Lembrei-me disto quando há dias um amigo meu, que não vive em Portugal há muito, comentou como a cidade está mortiça à noite e como a Avenida da Liberdade, mesmo sendo a principal artéria da cidade, praticamente morre depois das 21h00. Falei-lhe neste projecto, abotado por razões mesquinhas e políticas. Hoje em dia é evidente que seria bem melhor ter o Parque Mayer já recuperado (nesta década que entretanto decorreu o projecto teria ficado pronto) e avenida dinamizada, viva e pulsante.


 


Puxei um bocadinho pela memória e lembrei-me de alguns factos curiosos: em primeiro lugar, o projecto era auto-sustentável e estava coberto pelas receitas das contrapartidas do próprio Casino; em segundo lugar existia um genuíno entusiasmo de diversas entidades ligadas à produção de epsectáculos; e em terceiro lugar recordei-me que tudo foi abortado por um veto presidencial directo ao diploma que viabilizava a montagem de toda a operação. Esse veto, lembrei o meu amigo nessa conversa, veio do Presidente de então – Jorge Sampaio. Mais um dos seus feitos que fica para a História.


 


(Publicado no diário Metro de 6 de Março)

Autoria e outros dados (tags, etc)

publicado às 10:56


1 comentário

Sem imagem de perfil

De Hugo Correia a 06.03.2012 às 16:28

..........

Pedi então à minha chefe de Gabinete, Ana Costa Almeida, e à Eduarda Napoleão, para irem a Los Angeles convidar Frank Gehry . Foram e levaram fotografias e plantas do Parque Mayer. Ele ficou entusiasmado e veio cá. Lembro-me que chegou numa sexta-feira à noite, já depois do jantar. Chovia muito. Apesar do número de horas de voo e de ter uma idade respeitável, quis ir directo do Aeroporto para o Parque Mayer.
Lá dentro, o cenário era feérico entre ruínas, a chuva e uma lanterna que permanecia acesa no fundo dos pátios. Corria a última sessão da revista, creio que tinha início às 22h. Entrámos. Uma actriz talentosa de idade madura fazia rir a assistência. Isto não pode morrer! disse-me Gehry , abismado. Estava lá o empresário Hélder Costa e ainda recordo a expressão da cara dele quando me viu, com o arquitecto canadiano, os dois sentados lá atrás.Gehry continuava espantado. Achava impressionante aquela realidade, no centro de uma cidade, capital de um país europeu, em que, ao virar da esquina da avenida principal se entrava na Alice do País das Maravilhas. Parecia mágico, escondido e à espera. Ficou perdidamente apaixonado. Não era só uma questão material, era uma paixão imediata. Os seus olhos brilhavam cada vez que falava do Parque Mayer. Afeiçoou-se muito a Lisboa.
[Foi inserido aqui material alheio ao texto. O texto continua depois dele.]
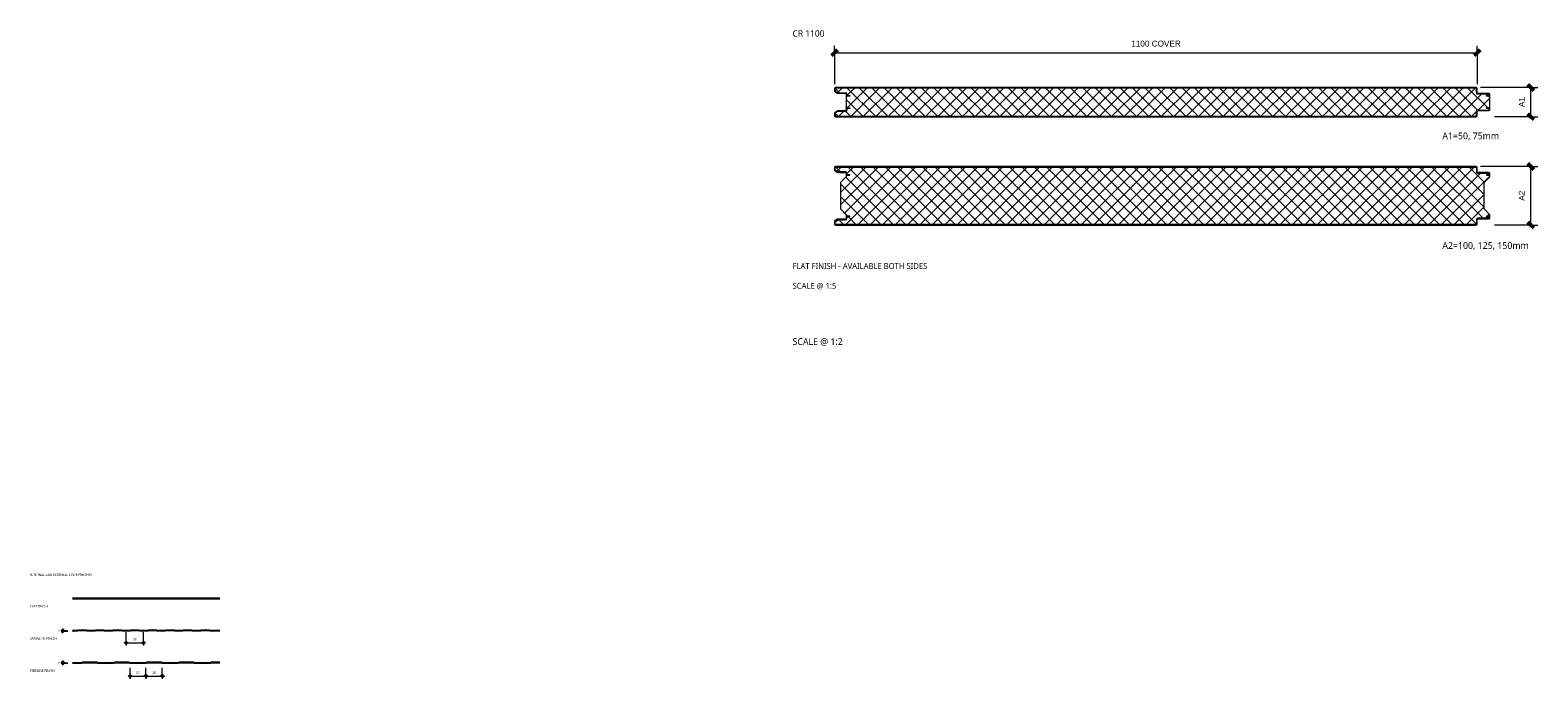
# Model space of a CAD drawing. Header units: millimetres. Extents: x 3088 to 5664, y 2253 to 3362.
import ezdxf

# ---------------------------------------------------------------- set-up
doc = ezdxf.new("R2010")
doc.units = ezdxf.units.MM
for name, color, linetype, lineweight in [('A-ANNO-DIMS', 211, 'Continuous', 9), ('A-ANNO-DIMS-2', 211, 'Continuous', 9), ('A-ANNO-DIMS-5', 211, 'Continuous', 9), ('A-DETL-GENF', 92, 'Continuous', 13), ('G-ANNO-TEXT', 231, 'Continuous', 9)]:
    doc.layers.add(name, color=color, linetype=linetype, lineweight=lineweight)
doc.styles.add('Arial', font='arial.ttf', dxfattribs={"height": 4})
doc.styles.add('Arial_1', font='arial.ttf', dxfattribs={"height": 10})
doc.styles.add('Yu Gothic', font='Yu Gothic.ttf', dxfattribs={"height": 4})
doc.styles.add('Yu Gothic_1', font='Yu Gothic.ttf', dxfattribs={"height": 10})
doc.styles.add('Yu Gothic_2', font='Yu Gothic.ttf', dxfattribs={"height": 11.5})
doc.styles.add('Yu Gothic_B', font='Yu Gothic.ttf', dxfattribs={"height": 4})
doc.styles.add('Yu Gothic_B_1', font='Yu Gothic.ttf', dxfattribs={"height": 11})
doc.dimstyles.new('Diagonal', dxfattribs={"dimscale": 304.8, "dimtxt": 4.081038, "dimasz": 0.013123, "dimexe": 0.015748, "dimexo": 0.009843, "dimgap": 0.009843, "dimtad": 1, "dimdec": 0, "dimzin": 0, "dimdsep": 46, "dimtxsty": 'Arial', "dimblk1": 'OBLIQUE', "dimblk2": 'OBLIQUE', "dimsah": 1, "dimcen": 0.09, "dimazin": 0, "dimtfac": 1, "dimtdec": 4, "dimtix": 1, "dimtmove": 0, "dimatfit": 3, "dimfxl": 1, "dimtvp": 1, "dimtfill": 1, "dimtolj": 1, "dimtzin": 0, "dimarcsym": 2})
doc.dimstyles.new('Diagonal_1', dxfattribs={"dimscale": 304.8, "dimtxt": 10.202594, "dimasz": 0.032808, "dimexe": 0.03937, "dimexo": 0.024606, "dimgap": 0.024606, "dimtad": 1, "dimdec": 0, "dimzin": 0, "dimdsep": 46, "dimtxsty": 'Arial_1', "dimblk1": 'OBLIQUE', "dimblk2": 'OBLIQUE', "dimsah": 1, "dimcen": 0.09, "dimazin": 0, "dimtfac": 1, "dimtdec": 4, "dimtix": 1, "dimtmove": 0, "dimatfit": 3, "dimfxl": 1, "dimtvp": 1, "dimtfill": 1, "dimtolj": 1, "dimtzin": 0, "dimarcsym": 2})

# ---------------------------------------------------------------- blocks, each defined once
blk = doc.blocks.new('CR1100 - FINISHES - CR 1100 - FLAT FINISH - BOTTOM-5849316-22 PANEL FINISHES')
at = {"layer": 'A-DETL-GENF'}
blk.add_hatch(color=256, dxfattribs=at).paths.add_polyline_path([(52.2, 0), (303.9, 0), (303.9, 1), (52.2, 1), (52.2, 0)])
for p, q in [((303.9, 1), (52.2, 1)), ((52.2, 0), (303.9, 0))]:
    blk.add_line(p, q, dxfattribs=at)
blk = doc.blocks.new('CR1100 - FINISHES - CR 1100 - SATINLINE FINISH - BOTTOM-5849324-22 PANEL FINISHES')
at = {"layer": 'A-DETL-GENF'}
blk.add_hatch(color=256, dxfattribs=at).paths.add_polyline_path([(84, 0), (99, 1), (114, 0), (129, 1), (144, 0), (159, 1), (174, 0), (189, 1), (204, 0), (219, 1), (234, 0), (249, 1), (264, 0), (279, 1), (294, 0), (303.9, 0.7), (303.9, 1.7), (294, 1), (279, 2), (264, 1), (249, 2), (234, 1), (219, 2), (204, 1), (189, 2), (174, 1), (159, 2), (144, 1), (129, 2), (114, 1), (99, 2), (84, 1), (69, 2), (54, 1), (52.2, 1.1), (52.2, 0.1), (54, 0), (69, 1)])
for p, q in [((54, 1), (52.2, 1.1)), ((52.2, 0.1), (54, 0)), ((69, 2), (54, 1)), ((54, 0), (69, 1)), ((84, 1), (69, 2)), ((69, 1), (84, 0)), ((99, 2), (84, 1)), ((84, 0), (99, 1)), ((114, 1), (99, 2)), ((99, 1), (114, 0)), ((129, 2), (114, 1)), ((114, 0), (129, 1)), ((144, 1), (129, 2)), ((129, 1), (144, 0)), ((159, 2), (144, 1)), ((144, 0), (159, 1)), ((174, 1), (159, 2)), ((159, 1), (174, 0)), ((189, 2), (174, 1)), ((174, 0), (189, 1)), ((204, 1), (189, 2)), ((189, 1), (204, 0)), ((219, 2), (204, 1)), ((204, 0), (219, 1)), ((234, 1), (219, 2)), ((219, 1), (234, 0)), ((249, 2), (234, 1)), ((234, 0), (249, 1)), ((264, 1), (249, 2)), ((249, 1), (264, 0)), ((279, 2), (264, 1)), ((264, 0), (279, 1)), ((294, 1), (279, 2)), ((279, 1), (294, 0)), ((303.9, 1.7), (294, 1)), ((294, 0), (303.9, 0.7))]:
    blk.add_line(p, q, dxfattribs=at)
blk = doc.blocks.new('CR1100 - FINISHES - CR 1100 - FINELINE FINISH - BOTTOM-5849322-22 PANEL FINISHES')
at = {"layer": 'A-DETL-GENF'}
blk.add_hatch(color=256, dxfattribs=at).paths.add_polyline_path([(287, 0), (287.5, 0.1), (287.9, 0.2), (289.5, 1), (303.9, 1), (303.9, 2), (289.3, 2), (287.3, 1), (260.7, 1), (258.7, 2), (234.3, 2), (232.3, 1), (205.7, 1), (203.7, 2), (179.3, 2), (177.3, 1), (150.7, 1), (148.7, 2), (124.3, 2), (122.3, 1), (95.7, 1), (93.7, 2), (69.3, 2), (67.3, 1), (52.2, 1), (52.2, 0), (67, 0), (67.5, 0.1), (67.9, 0.2), (69.5, 1), (93.5, 1), (95.1, 0.2), (95.5, 0.1), (96, 0), (122, 0), (122.5, 0.1), (122.9, 0.2), (124.5, 1), (148.5, 1), (150.1, 0.2), (150.5, 0.1), (151, 0), (177, 0), (177.5, 0.1), (177.9, 0.2), (179.5, 1), (203.5, 1), (205.1, 0.2), (205.5, 0.1), (206, 0), (232, 0), (232.5, 0.1), (232.9, 0.2), (234.5, 1), (258.5, 1), (260.1, 0.2), (260.5, 0.1), (261, 0), (281.3, 0)])
for p, q in [((67.3, 1), (52.2, 1)), ((52.2, 0), (67, 0)), ((69.3, 2), (67.3, 1)), ((67.9, 0.2), (69.5, 1)), ((93.7, 2), (69.3, 2)), ((69.5, 1), (93.5, 1)), ((93.5, 1), (95.1, 0.2)), ((95.7, 1), (93.7, 2)), ((122.3, 1), (95.7, 1)), ((124.3, 2), (122.3, 1)), ((122.9, 0.2), (124.5, 1)), ((148.7, 2), (124.3, 2)), ((124.5, 1), (148.5, 1)), ((148.5, 1), (150.1, 0.2)), ((150.7, 1), (148.7, 2)), ((177.3, 1), (150.7, 1)), ((179.3, 2), (177.3, 1)), ((177.9, 0.2), (179.5, 1)), ((203.7, 2), (179.3, 2)), ((179.5, 1), (203.5, 1)), ((203.5, 1), (205.1, 0.2)), ((205.7, 1), (203.7, 2)), ((232.3, 1), (205.7, 1)), ((234.3, 2), (232.3, 1)), ((232.9, 0.2), (234.5, 1)), ((258.7, 2), (234.3, 2)), ((234.5, 1), (258.5, 1)), ((258.5, 1), (260.1, 0.2)), ((260.7, 1), (258.7, 2)), ((287.3, 1), (260.7, 1)), ((289.3, 2), (287.3, 1)), ((287.9, 0.2), (289.5, 1)), ((303.9, 2), (289.3, 2)), ((289.5, 1), (303.9, 1)), ((96, 0), (122, 0)), ((151, 0), (177, 0)), ((206, 0), (232, 0)), ((261, 0), (287, 0))]:
    blk.add_line(p, q, dxfattribs=at)
for centre, start, end in [((67, 2.1), 270, 296.5651), ((96, 2.1), 243.4349, 270), ((122, 2.1), 270, 296.5651), ((151, 2.1), 243.4349, 270), ((177, 2.1), 270, 296.5651), ((206, 2.1), 243.4349, 270), ((232, 2.1), 270, 296.5651), ((261, 2.1), 243.4349, 270), ((287, 2.1), 270, 296.5651)]:
    blk.add_arc(centre, 2.1, start, end, dxfattribs=at)
blk = doc.blocks.new('CR 1100 - FLAT - FLAT - CR 1100 100mm - FLAT - FLAT-5837217-22 PANEL PROFILE AND SIZE')
at = {"layer": 'A-DETL-GENF'}
h = blk.add_hatch(color=256, dxfattribs=at)
h.paths.add_polyline_path([(361.7, 0), (1096.2, 0), (1096.7, 0.1), (1097.1, 0.2), (1097.5, 0.5), (1097.8, 0.9), (1097.9, 1.3), (1098, 1.9), (1098, 9.6), (1098.2, 9.9), (1098.4, 10.1), (1098.6, 10.3), (1098.9, 10.5), (1099.2, 10.5), (1118.2, 10.5), (1118.7, 10.6), (1119.1, 10.7), (1119.5, 11), (1119.8, 11.4), (1119.9, 11.8), (1120, 12.3), (1120, 13.2), (1119.9, 13.7), (1119.8, 14.1), (1119.5, 14.5), (1119.1, 14.8), (1118.7, 14.9), (1118.2, 15), (1114, 15), (1114, 14), (1118.4, 14), (1118.8, 13.8), (1119, 13.4), (1119, 13.2), (1119, 12.1), (1118.8, 11.7), (1118.4, 11.5), (1118.2, 11.5), (1099.2, 11.5), (1098.6, 11.4), (1098.1, 11.2), (1097.6, 10.9), (1097.3, 10.4), (1097.1, 9.9), (1097, 9.3), (1097, 1.6), (1096.8, 1.2), (1096.4, 1), (1096.2, 1), (1.6, 1), (1.2, 1.2), (1, 1.6), (1, 1.9), (1, 6.2), (1.2, 6.5), (1.4, 6.7), (5.5, 9), (18.8, 9), (19.4, 9.1), (19.9, 9.3), (20.4, 9.6), (20.7, 10.1), (20.9, 10.6), (21, 11.2), (21, 13.4), (21.2, 13.8), (21.6, 14), (21.8, 14), (26, 14), (26, 15), (21.8, 15), (21.3, 14.9), (20.9, 14.8), (20.5, 14.5), (20.2, 14.1), (20.1, 13.7), (20, 13.2), (20, 10.9), (19.7, 10.5), (19.6, 10.4), (19.4, 10.2), (19.1, 10), (18.8, 10), (5.7, 10), (5.2, 9.9), (4.8, 9.8), (0.9, 7.5), (0.5, 7.2), (0.2, 6.9), (0.1, 6.4), (0, 6), (0, 1.8), (0.1, 1.3), (0.2, 0.9), (0.5, 0.5), (0.9, 0.2), (1.3, 0.1), (1.8, 0), (113, 0)])
h.paths.add_polyline_path([(1118.2, 85), (1118.7, 85.1), (1119.1, 85.2), (1119.5, 85.5), (1119.8, 85.9), (1119.9, 86.3), (1120, 86.8), (1120, 87.7), (1119.9, 88.2), (1119.8, 88.6), (1119.5, 89), (1119.1, 89.3), (1118.7, 89.4), (1118.2, 89.5), (1098.9, 89.5), (1098.6, 89.7), (1098.4, 89.9), (1098.2, 90.1), (1098, 90.4), (1098, 90.7), (1098, 98.2), (1097.9, 98.7), (1097.8, 99.1), (1097.5, 99.5), (1097.1, 99.8), (1096.7, 99.9), (1096.2, 100), (1.8, 100), (1.3, 99.9), (0.9, 99.8), (0.5, 99.5), (0.2, 99.1), (0.1, 98.7), (0, 98.2), (0, 94), (0.1, 93.6), (0.2, 93.1), (0.5, 92.8), (0.9, 92.5), (4.8, 90.2), (5.2, 90.1), (5.7, 90), (19.1, 90), (19.4, 89.8), (19.7, 89.5), (19.8, 89.4), (20, 89.1), (20, 88.8), (20, 86.8), (20.1, 86.3), (20.2, 85.9), (20.5, 85.5), (20.9, 85.2), (21.3, 85.1), (21.8, 85), (26, 85), (26, 86), (21.6, 86), (21.2, 86.2), (21, 86.6), (21, 86.8), (21, 88.8), (20.9, 89.4), (20.7, 89.9), (20.4, 90.4), (19.7, 90.8), (19.4, 90.9), (18.8, 91), (5.5, 91), (1.2, 93.5), (1, 93.8), (1, 94), (1, 98.4), (1.2, 98.8), (1.6, 99), (1.8, 99), (1096.4, 99), (1096.8, 98.8), (1097, 98.4), (1097, 98.2), (1097, 90.7), (1097.1, 90.1), (1097.3, 89.6), (1097.6, 89.1), (1098.1, 88.8), (1098.6, 88.6), (1099.2, 88.5), (1118.4, 88.5), (1118.8, 88.3), (1119, 87.9), (1119, 87.7), (1119, 86.6), (1118.8, 86.2), (1118.4, 86), (1118.2, 86), (1114, 86), (1114, 85), (1115.4, 85)])
h = blk.add_hatch(dxfattribs=at)
h.set_pattern_fill('FP_1', color=256, style=0, pattern_type=2)
h.set_pattern_definition([(45, (-3273.822, -3028.621), (-10.6066, 10.6066), []), (135, (-3273.822, -3028.621), (-10.6066, -10.6066), [])])
h.paths.add_polyline_path([(1076.6, 1), (1096.4, 1), (1096.8, 1.2), (1096.9, 1.4), (1097, 1.9), (1097, 9.6), (1097.1, 9.9), (1097.3, 10.4), (1097.6, 10.9), (1098.1, 11.2), (1098.6, 11.4), (1099.2, 11.5), (1118.4, 11.5), (1118.8, 11.7), (1118.9, 11.9), (1119, 12.3), (1118.9, 13.4), (1118.9, 13.6), (1118.6, 13.9), (1118.2, 14), (1114, 14), (1114, 15), (1118.6, 14.9), (1118.8, 14.9), (1119.1, 14.8), (1119.5, 14.5), (1119.8, 14.1), (1119.9, 13.7), (1120, 13.4), (1120, 17.6), (1110, 27.6), (1110, 72.7), (1120, 82.6), (1120, 86.5), (1119.9, 86.3), (1119.7, 85.8), (1119.4, 85.5), (1119.1, 85.2), (1118.6, 85.1), (1118.2, 85), (1114, 85), (1114, 86), (1118.4, 86), (1118.8, 86.2), (1118.9, 86.4), (1119, 86.8), (1118.9, 87.9), (1118.9, 88.1), (1118.6, 88.4), (1118.2, 88.5), (1098.9, 88.5), (1098.6, 88.6), (1098.1, 88.8), (1097.6, 89.1), (1097.3, 89.6), (1097.1, 90.1), (1097, 90.7), (1096.9, 98.4), (1096.9, 98.6), (1096.6, 98.9), (1096.2, 99), (1.6, 99), (1.2, 98.8), (1.1, 98.6), (1, 98.2), (1.1, 93.8), (1.2, 93.6), (1.4, 93.3), (5.5, 91), (19.1, 91), (19.5, 90.9), (19.9, 90.7), (20.5, 90.2), (20.7, 89.9), (21, 89.2), (21, 88.8), (21.1, 86.6), (21.2, 86.3), (21.4, 86.1), (21.8, 86), (26, 86), (26, 85), (21.4, 85.1), (21.2, 85.1), (20.9, 85.2), (20.5, 85.5), (20.2, 85.9), (20.1, 86.3), (20, 86.6), (20, 82.6), (10, 72.7), (10, 27.6), (20, 17.6), (20, 13.4), (20.1, 13.7), (20.2, 14.1), (20.5, 14.5), (20.9, 14.8), (21.4, 14.9), (21.8, 15), (26, 15), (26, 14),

Conheceu outros arquitectos portugueses, artistas portugueses, ficou fã e amigo da Marisa.
Diria que é uma dor de alma o que foi feito contra a hipótese de ter o arquitecto Frank Gehry a trabalhar em Lisboa. Provavelmente o centro da capital ganharia muito em animação, em enriquecimento, em capacidade de atracção. Convidaria pessoas para ali morarem e novas lojas para a avenida. Foi uma atrocidade o que fizeram a este projecto. Mas é assim a vida.
Lembro-me de um dia em que Gehry tinha acabado de chegar e lhe disse: O António Pedro vai tomar posse como ministro das Obras Públicas. Quer ir lá a Belém? Ele disse que sim e fomos. Quando o presidente da República nos viu na sala, veio ter connosco, cumprimentou-o e convidou-nos a entrar depois no seu gabinete. Ficou todo contente de ter lá o arquitecto Frank Gehry .
O projecto do casino estava em desenvolvimento. Havia o estudo prévio, a maqueta, aquilo que tinha que ser feito num projecto deste tipo e que seria parcialmente pago pelos privados.
Quando tomámos posse em 2002, havia um projecto do arquitecto Norman Foster , para aquele espaço, com 70 mil metros quadrados de construção acima do solo e mais áreas de construção debaixo do solo onde ficariam os teatros. Em cima, haveria casas, escritórios, torres. Não quis. O que queríamos era os teatros à superfície. Mas, é evidente que, com 70 mil metros quadrados, os privados ganhariam muito mais.
Detenho-me com o Parque Mayer, porque também se trata de património. E por ser património não pode estar ao abandono, degradando-se. É memória da cidade, é memória das pessoas e do teatro. O teatro é um meio de instrução da língua portuguesa e, portanto, essa componente deve ser valorizada. Deve ser prioritária no trabalho de quem governa uma cidade ou de quem lidera a pasta da Cultura, no Governo.
Até o ar condicionado que, em 1991, conseguira que fosse cedido para o Teatro Maria Vitória, como secretário de Estado da Cultura, foi penhorado porque o empresário não tinha dinheiro para pagar as suas responsabilidades. E os actores trabalham sem ar condicionado, o que é extremamente cansativo, sobretudo ao fim-de-semana, com duas representações.
Portanto, é assim a Revista e, também, a Política à portuguesa.»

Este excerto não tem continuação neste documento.